A radio message Tuesday from a friend and fellow pilot shocked Owen Leipelt as the two flew along the California coast near Half Moon Bay to shoot some video, KNTV reported.
“Your heart sinks when you hear, ‘Mayday, I have no power,’” Leipelt said, according to the station. Then the other plane, piloted by David Lesh of Denver, went down in the ocean.
The Federal Aviation Administration says the single-engine Beechcraft Bonanza propeller plane crashed in the Pacific Ocean about 5:50 p.m., The San Francisco Chronicle reported. Lesh and a passenger were unhurt.

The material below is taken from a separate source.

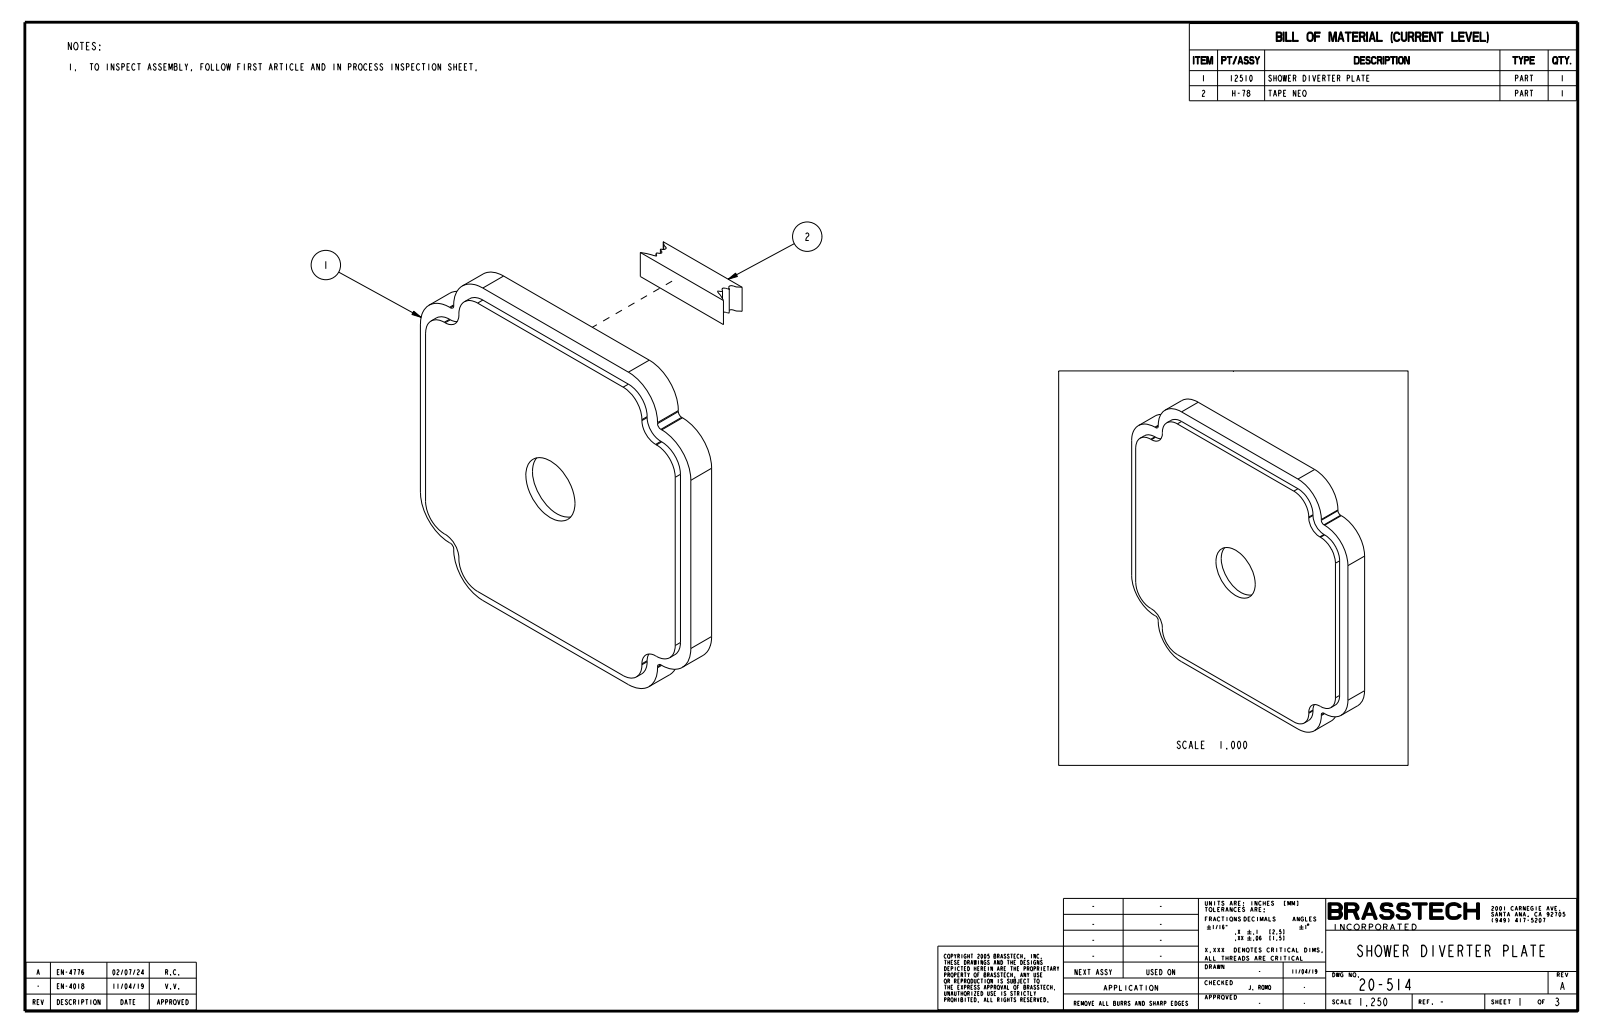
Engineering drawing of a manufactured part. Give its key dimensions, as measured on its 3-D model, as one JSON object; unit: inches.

On Tuesday, however, Lesh denied suggestions the crash may have been a stunt to promote a video shot afterward of himself and a passenger floating in the ocean awaiting rescue.
“I’ve heard some rumors,” said Lesh, KPIX reported. “I’ve heard that I did this as a publicity stunt…No, it’s not true, for many reasons. One, I just bought this brand new airplane. It was my pride and joy on its first maiden voyage. I put a ton of money into it in the last 2 1/2 months making it exactly the airplane that I wanted. It’s actually insured for less than the actual value of the plane.”
Lesh said he’s trying to sell his old plane and would have used that one had he planned to crash as a stunt, according to the station. But Lesh conceded that he promotes daredevil videos on social media.
“I definitely have a daredevil image,” he said, KPIX reported. “Most of that is a lot more calculated than people realize.”
Lesh said he and his passenger escaped injury and fled the downed plane without trouble because he was able to bring it down safely, KGO reported.
“It skipped along the water a few times,” Lesh said, KGO reported. “There was, like, no impact. We were totally fine.”
Lesh and his passenger climbed out onto the wing until the plane sank, then floated in the ocean and shot some video while awaiting rescue, according to the station.
“So we’re out here in the Pacific Ocean floating around,” Lesh says in the video, describing how they’re using seat cushions and window shades as flotation devices. “Water’s a little bit cold, but we’re all right.”
“Hopefully someone comes (and) picks us up soon,” Lesh continues. The video then cuts to a Coast Guard helicopter coming to their rescue and winching them up to safety.
Leipelt had notified authorities immediately after Lesh’s plane hit the water, The San Francisco Chronicle reported.
The Coast Guard helicopter had been training nearby and responded quickly to the crash, KNTV reported.
Lesh and his passenger suffered only some jellyfish stings, according to the station.